▸ GOAL OF THE EXERCISE: An exact reproduction of the lines below, from the first through the one with "doc.linetypes.add('Krawędzie ukryte', pattern=[150, 100, -50])", is the whole answer; pictures have no place in it.

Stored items
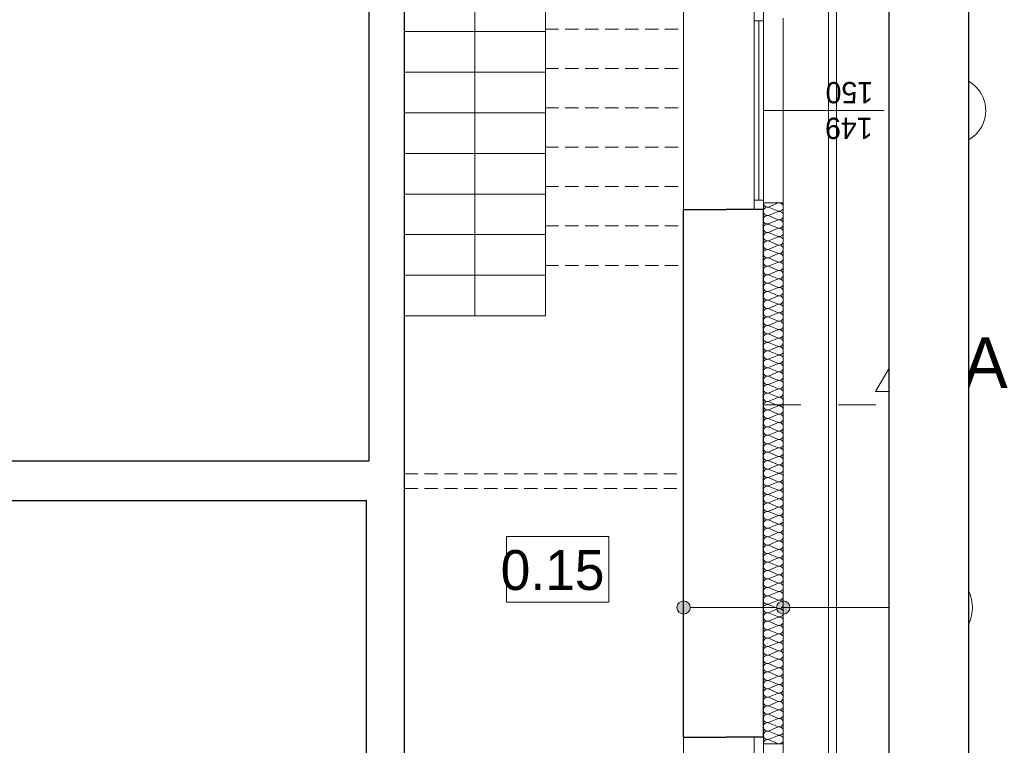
# Model space of a CAD drawing. Extents: x -515158 to -464725, y 20769 to 114053.
# Tile 30 of 69: x -477618 to -470211, y 36876 to 42336. Entities that reach past the tile are written whole.
import ezdxf

# ---------------------------------------------------------------- set-up
doc = ezdxf.new("R2010")
doc.units = 0
doc.header["$MEASUREMENT"] = 0
doc.set_wipeout_variables(frame=1)
doc.linetypes.add('Dashed', pattern=[564.444447, 282.222223, -282.222223])
doc.linetypes.add('Krawędzie ukryte', pattern=[150, 100, -50])
for name, color, linetype, lineweight in [('#podkład', 252, 'Continuous', 9), ('Arch ocieplenie_Nr_Pióra__9', 252, 'Continuous', 9), ('Arch opisy okien_Nr_Pióra__9', 252, 'Continuous', 9), ('Arch opisy_Nr_Pióra__1', 252, 'Continuous', 25), ('Arch opisy_Nr_Pióra__21', 252, 'Continuous', 9), ('Arch opisy_Nr_Pióra__9', 252, 'Continuous', 9), ('Arch teren_Nr_Pióra__5', 252, 'Continuous', 13), ('Arch wykończenie_Nr_Pióra__3', 252, 'Continuous', 18), ('INWENT OPISY_Nr_Pióra__21', 252, 'Continuous', 9), ('INWENT OPISY_Nr_Pióra__41', 252, 'Continuous', 15), ('INWENT. OKNA_Nr_Pióra__21', 252, 'Continuous', 9), ('INWENT. OKNA_Nr_Pióra__5', 252, 'Continuous', 13), ('INWENT.ŚCIANY_Nr_Pióra__1', 252, 'Continuous', 25), ('INWENT.ŚCIANY_Nr_Pióra__21', 252, 'Continuous', 9), ('Istniejące schody_Nr_Pióra__5', 252, 'Continuous', 13), ('Istniejące stropy_Nr_Pióra__5', 252, 'Continuous', 13)]:
    doc.layers.add(name, color=color, linetype=linetype, lineweight=lineweight)
doc.layers.add('_TABELA', color=7, linetype='Continuous')
doc.styles.add('GENERATED_STYLE_10', font='arial.ttf')
doc.styles.add('GENERATED_STYLE_4', font='txt')
doc.styles.add('GENERATED_STYLE_7', font='txt')

# ---------------------------------------------------------------- blocks, each defined once
blk = doc.blocks.new('parter')
at = {"layer": 'Arch opisy_Nr_Pióra__21', "linetype": 'Continuous'}
for points in [[(-472573.3, 37913.1), (-472577.1, 37932.2), (-472588, 37948.4), (-472604.2, 37959.2), (-472623.3, 37963.1), (-472642.5, 37959.2), (-472658.7, 37948.4), (-472669.5, 37932.2), (-472673.3, 37913.1), (-472669.5, 37893.9), (-472658.7, 37877.7), (-472642.5, 37866.9), (-472623.3, 37863.1), (-472604.2, 37866.9), (-472588, 37877.7), (-472577.1, 37893.9)], [(-471823.3, 37913.1), (-471827.1, 37932.2), (-471838, 37948.4), (-471854.2, 37959.2), (-471873.3, 37963.1), (-471892.5, 37959.2), (-471908.7, 37948.4), (-471919.5, 37932.2), (-471923.3, 37913.1), (-471919.5, 37893.9), (-471908.7, 37877.7), (-471892.5, 37866.9), (-471873.3, 37863.1), (-471854.2, 37866.9), (-471838, 37877.7), (-471827.1, 37893.9)]]:
    blk.add_hatch(color=252, dxfattribs=at).paths.add_polyline_path(points, flags=0)
at = {"color": 252}
for p, q in [((-473954.9, 37953.1), (-473954.9, 38447.2)), ((-473954.9, 38447.2), (-473186.9, 38447.2)), ((-473186.9, 38447.2), (-473186.9, 37953.1)), ((-473186.9, 37953.1), (-473954.9, 37953.1))]:
    blk.add_line(p, q, dxfattribs=at)
at = {"layer": 'Arch ocieplenie_Nr_Pióra__9', "color": 252, "linetype": 'Continuous'}
for p, q in [((-471978.6, 40928.5), (-471918, 40955)), ((-471918, 40896.7), (-471978.6, 40923.2)), ((-471978.6, 40864.9), (-471918, 40891.4)), ((-471918, 40833.1), (-471978.6, 40859.6)), ((-471978.6, 40801.3), (-471918, 40827.8)), ((-471918, 40769.5), (-471978.6, 40796)), ((-471978.6, 40737.7), (-471918, 40764.2)), ((-471918, 40705.9), (-471978.6, 40732.4)), ((-471978.6, 40674.1), (-471918, 40700.6)), ((-471918, 40642.3), (-471978.6, 40668.8)), ((-471978.6, 40610.5), (-471918, 40637)), ((-471918, 40578.7), (-471978.6, 40605.2)), ((-471978.6, 40546.9), (-471918, 40573.4)), ((-471918, 40515.1), (-471978.6, 40541.6)), ((-471978.6, 40483.3), (-471918, 40509.8)), ((-471918, 40451.6), (-471978.6, 40478)), ((-471978.6, 40419.8), (-471918, 40446.2)), ((-471918, 40388), (-471978.6, 40414.4)), ((-471978.6, 40356.2), (-471918, 40382.6)), ((-471918, 40324.4), (-471978.6, 40350.8)), ((-471978.6, 40292.6), (-471918, 40319)), ((-471918, 40260.8), (-471978.6, 40287.2)), ((-471978.6, 40229), (-471918, 40255.4)), ((-471918, 40197.2), (-471978.6, 40223.6)), ((-471978.6, 40165.4), (-471918, 40191.8)), ((-471918, 40133.6), (-471978.6, 40160)), ((-471978.6, 40101.8), (-471918, 40128.2)), ((-471918, 40070), (-471978.6, 40096.4)), ((-471978.6, 40038.2), (-471918, 40064.6)), ((-471918, 40006.4), (-471978.6, 40032.9)), ((-471978.6, 39974.6), (-471918, 40001.1)), ((-471918, 39942.8), (-471978.6, 39969.3)), ((-471978.6, 39911), (-471918, 39937.5)), ((-471918, 39879.2), (-471978.6, 39905.7)), ((-471978.6, 39847.4), (-471918, 39873.9)), ((-471918, 39815.6), (-471978.6, 39842.1)), ((-471978.6, 39783.8), (-471918, 39810.3)), ((-471918, 39752), (-471978.6, 39778.5)), ((-471978.6, 39720.2), (-471918, 39746.7)), ((-471918, 39688.4), (-471978.6, 39714.9)), ((-471978.6, 39656.6), (-471918, 39683.1)), ((-471918, 39624.8), (-471978.6, 39651.3)), ((-471978.6, 39593), (-471918, 39619.5)), ((-471918, 39561.2), (-471978.6, 39587.7)), ((-471978.6, 39529.4), (-471918, 39555.9)), ((-471918, 39497.6), (-471978.6, 39524.1)), ((-471978.6, 39465.8), (-471918, 39492.3)), ((-471918, 39434.1), (-471978.6, 39460.5)), ((-471978.6, 39402.3), (-471918, 39428.7)), ((-471918, 39370.5), (-471978.6, 39396.9)), ((-471978.6, 39338.7), (-471918, 39365.1)), ((-471918, 39306.9), (-471978.6, 39333.3)), ((-471978.6, 39275.1), (-471918, 39301.5)), ((-471918, 39243.3), (-471978.6, 39269.7)), ((-471978.6, 39211.5), (-471918, 39237.9)), ((-471918, 39179.7), (-471978.6, 39206.1)), ((-471978.6, 39147.9), (-471918, 39174.3)), ((-471918, 39116.1), (-471978.6, 39142.5)), ((-471978.6, 39084.3), (-471918, 39110.7)), ((-471918, 39052.5), (-471978.6, 39078.9)), ((-471978.6, 39020.7), (-471918, 39047.1)), ((-471918, 38988.9), (-471978.6, 39015.4)), ((-471978.6, 38957.1), (-471918, 38983.6)), ((-471918, 38925.3), (-471978.6, 38951.8)), ((-471978.6, 38893.5), (-471918, 38920)), ((-471918, 38861.7), (-471978.6, 38888.2)), ((-471978.6, 38829.9), (-471918, 38856.4)), ((-471918, 38798.1), (-471978.6, 38824.6)), ((-471978.6, 38766.3), (-471918, 38792.8)), ((-471918, 38734.5), (-471978.6, 38761)), ((-471978.6, 38702.7), (-471918, 38729.2)), ((-471918, 38670.9), (-471978.6, 38697.4)), ((-471978.6, 38639.1), (-471918, 38665.6)), ((-471918, 38607.3), (-471978.6, 38633.8)), ((-471978.6, 38575.5), (-471918, 38602)), ((-471918, 38543.7), (-471978.6, 38570.2)), ((-471978.6, 38511.9), (-471918, 38538.4)), ((-471918, 38480.1), (-471978.6, 38506.6)), ((-471978.6, 38448.3), (-471918, 38474.8)), ((-471918, 38416.6), (-471978.6, 38443)), ((-471978.6, 38384.8), (-471918, 38411.2)), ((-471918, 38353), (-471978.6, 38379.4)), ((-471978.6, 38321.2), (-471918, 38347.6)), ((-471918, 38289.4), (-471978.6, 38315.8)), ((-471978.6, 38257.6), (-471918, 38284)), ((-471918, 38225.8), (-471978.6, 38252.2)), ((-471978.6, 38194), (-471918, 38220.4)), ((-471918, 38162.2), (-471978.6, 38188.6)), ((-471978.6, 38130.4), (-471918, 38156.8)), ((-471918, 38098.6), (-471978.6, 38125)), ((-471978.6, 38066.8), (-471918, 38093.2)), ((-471918, 38035), (-471978.6, 38061.4)), ((-471978.6, 38003.2), (-471918, 38029.6)), ((-471918, 37971.4), (-471978.6, 37997.9)), ((-471978.6, 37939.6), (-471918, 37966.1)), ((-471918, 37907.8), (-471978.6, 37934.3)), ((-471978.6, 37876), (-471918, 37902.5)), ((-471918, 37844.2), (-471978.6, 37870.7)), ((-471978.6, 37812.4), (-471918, 37838.9)), ((-471918, 37780.6), (-471978.6, 37807.1)), ((-471978.6, 37748.8), (-471918, 37775.3)), ((-471918, 37717), (-471978.6, 37743.5)), ((-471978.6, 37685.2), (-471918, 37711.7)), ((-471918, 37653.4), (-471978.6, 37679.9)), ((-471978.6, 37621.6), (-471918, 37648.1)), ((-471918, 37589.8), (-471978.6, 37616.3)), ((-471978.6, 37558), (-471918, 37584.5)), ((-471918, 37526.2), (-471978.6, 37552.7)), ((-471978.6, 37494.4), (-471918, 37520.9)), ((-471918, 37462.6), (-471978.6, 37489.1)), ((-471978.6, 37430.8), (-471918, 37457.3)), ((-471918, 37399.1), (-471978.6, 37425.5)), ((-471978.6, 37367.3), (-471918, 37393.7)), ((-471918, 37335.5), (-471978.6, 37361.9)), ((-471978.6, 37303.7), (-471918, 37330.1)), ((-471918, 37271.9), (-471978.6, 37298.3)), ((-471978.6, 37240.1), (-471918, 37266.5)), ((-471918, 37208.3), (-471978.6, 37234.7)), ((-471978.6, 37176.5), (-471918, 37202.9)), ((-471918, 37144.7), (-471978.6, 37171.1)), ((-471978.6, 37112.9), (-471918, 37139.3)), ((-471918, 37081.1), (-471978.6, 37107.5)), ((-471978.6, 37049.3), (-471918, 37075.7)), ((-471918, 37017.5), (-471978.6, 37043.9)), ((-471978.6, 36985.7), (-471918, 37012.1)), ((-471918, 36953.9), (-471978.6, 36980.4)), ((-471978.6, 36922.1), (-471918, 36948.6)), ((-471918, 36890.3), (-471978.6, 36916.8))]:
    blk.add_line(p, q, dxfattribs=at)
for centre, start_param, end_param in [((-471991.4, 40894), 4.299595, 8.266774), ((-471991.4, 40957.6), 6.283185, 8.266774), ((-471905.2, 40925.8), 1.158003, 5.125183), ((-471905.2, 40862.2), 1.158003, 5.125183), ((-471991.4, 40830.4), 4.299595, 8.266774), ((-471905.2, 40798.6), 1.158003, 5.125183), ((-471991.4, 40766.8), 4.299595, 8.266774), ((-471905.2, 40735.1), 1.158003, 5.125183), ((-471991.4, 40703.3), 4.299595, 8.266774), ((-471991.4, 40639.7), 4.299595, 8.266774), ((-471905.2, 40671.5), 1.158003, 5.125183), ((-471991.4, 40576.1), 4.299595, 8.266774), ((-471905.2, 40607.9), 1.158003, 5.125183), ((-471991.4, 40512.5), 4.299595, 8.266774), ((-471905.2, 40544.3), 1.158003, 5.125183), ((-471991.4, 40448.9), 4.299595, 8.266774), ((-471905.2, 40480.7), 1.158003, 5.125183), ((-471905.2, 40417.1), 1.158003, 5.125183), ((-471991.4, 40385.3), 4.299595, 8.266774), ((-471905.2, 40353.5), 1.158003, 5.125183), ((-471991.4, 40321.7), 4.299595, 8.266774), ((-471905.2, 40289.9), 1.158003, 5.125183), ((-471991.4, 40258.1), 4.299595, 8.266774), ((-471991.4, 40194.5), 4.299595, 8.266774), ((-471905.2, 40226.3), 1.158003, 5.125183), ((-471991.4, 40130.9), 4.299595, 8.266774), ((-471905.2, 40162.7), 1.158003, 5.125183), ((-471991.4, 40067.3), 4.299595, 8.266774), ((-471905.2, 40099.1), 1.158003, 5.125183), ((-471991.4, 40003.7), 4.299595, 8.266774), ((-471905.2, 40035.5), 1.158003, 5.125183), ((-471905.2, 39971.9), 1.158003, 5.125183), ((-471991.4, 39940.1), 4.299595, 8.266774), ((-471905.2, 39908.3), 1.158003, 5.125183), ((-471991.4, 39876.5), 4.299595, 8.266774), ((-471905.2, 39844.7), 1.158003, 5.125183), ((-471991.4, 39812.9), 4.299595, 8.266774), ((-471991.4, 39749.3), 4.299595, 8.266774), ((-471905.2, 39781.1), 1.158003, 5.125183), ((-471991.4, 39685.8), 4.299595, 8.266774), ((-471905.2, 39717.6), 1.158003, 5.125183), ((-471991.4, 39622.2), 4.299595, 8.266774), ((-471905.2, 39654), 1.158003, 5.125183), ((-471991.4, 39558.6), 4.299595, 8.266774), ((-471905.2, 39590.4), 1.158003, 5.125183), ((-471905.2, 39526.8), 1.158003, 5.125183), ((-471991.4, 39495), 4.299595, 8.266774), ((-471905.2, 39463.2), 1.158003, 5.125183), ((-471991.4, 39431.4), 4.299595, 8.266774), ((-471905.2, 39399.6), 1.158003, 5.125183), ((-471991.4, 39367.8), 4.299595, 8.266774), ((-471991.4, 39304.2), 4.299595, 8.266774), ((-471905.2, 39336), 1.158003, 5.125183), ((-471991.4, 39240.6), 4.299595, 8.266774), ((-471905.2, 39272.4), 1.158003, 5.125183), ((-471991.4, 39177), 4.299595, 8.266774), ((-471905.2, 39208.8), 1.158003, 5.125183), ((-471991.4, 39113.4), 4.299595, 8.266774), ((-471905.2, 39145.2), 1.158003, 5.125183), ((-471905.2, 39081.6), 1.158003, 5.125183), ((-471991.4, 39049.8), 4.299595, 8.266774), ((-471905.2, 39018), 1.158003, 5.125183), ((-471991.4, 38986.2), 4.299595, 8.266774), ((-471905.2, 38954.4), 1.158003, 5.125183), ((-471991.4, 38922.6), 4.299595, 8.266774), ((-471991.4, 38859), 4.299595, 8.266774), ((-471905.2, 38890.8), 1.158003, 5.125183), ((-471991.4, 38795.4), 4.299595, 8.266774), ((-471905.2, 38827.2), 1.158003, 5.125183), ((-471991.4, 38731.8), 4.299595, 8.266774), ((-471905.2, 38763.6), 1.158003, 5.125183), ((-471991.4, 38668.3), 4.299595, 8.266774), ((-471905.2, 38700.1), 1.158003, 5.125183), ((-471905.2, 38636.5), 1.158003, 5.125183), ((-471991.4, 38604.7), 4.299595, 8.266774), ((-471905.2, 38572.9), 1.158003, 5.125183), ((-471991.4, 38541.1), 4.299595, 8.266774), ((-471905.2, 38509.3), 1.158003, 5.125183), ((-471991.4, 38477.5), 4.299595, 8.266774), ((-471991.4, 38413.9), 4.299595, 8.266774), ((-471905.2, 38445.7), 1.158003, 5.125183), ((-471991.4, 38350.3), 4.299595, 8.266774), ((-471905.2, 38382.1), 1.158003, 5.125183), ((-471991.4, 38286.7), 4.299595, 8.266774), ((-471905.2, 38318.5), 1.158003, 5.125183), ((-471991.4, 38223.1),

▸ SOLUTION:
# Model space of a CAD drawing. Extents: x -515158 to -464725, y 20769 to 114053.
# Tile 30 of 69: x -477618 to -470211, y 36876 to 42336. Entities that reach past the tile are written whole.
import ezdxf

# ---------------------------------------------------------------- set-up
doc = ezdxf.new("R2010")
doc.units = 0
doc.header["$MEASUREMENT"] = 0
doc.set_wipeout_variables(frame=1)
doc.linetypes.add('Dashed', pattern=[564.444447, 282.222223, -282.222223])
doc.linetypes.add('Krawędzie ukryte', pattern=[150, 100, -50])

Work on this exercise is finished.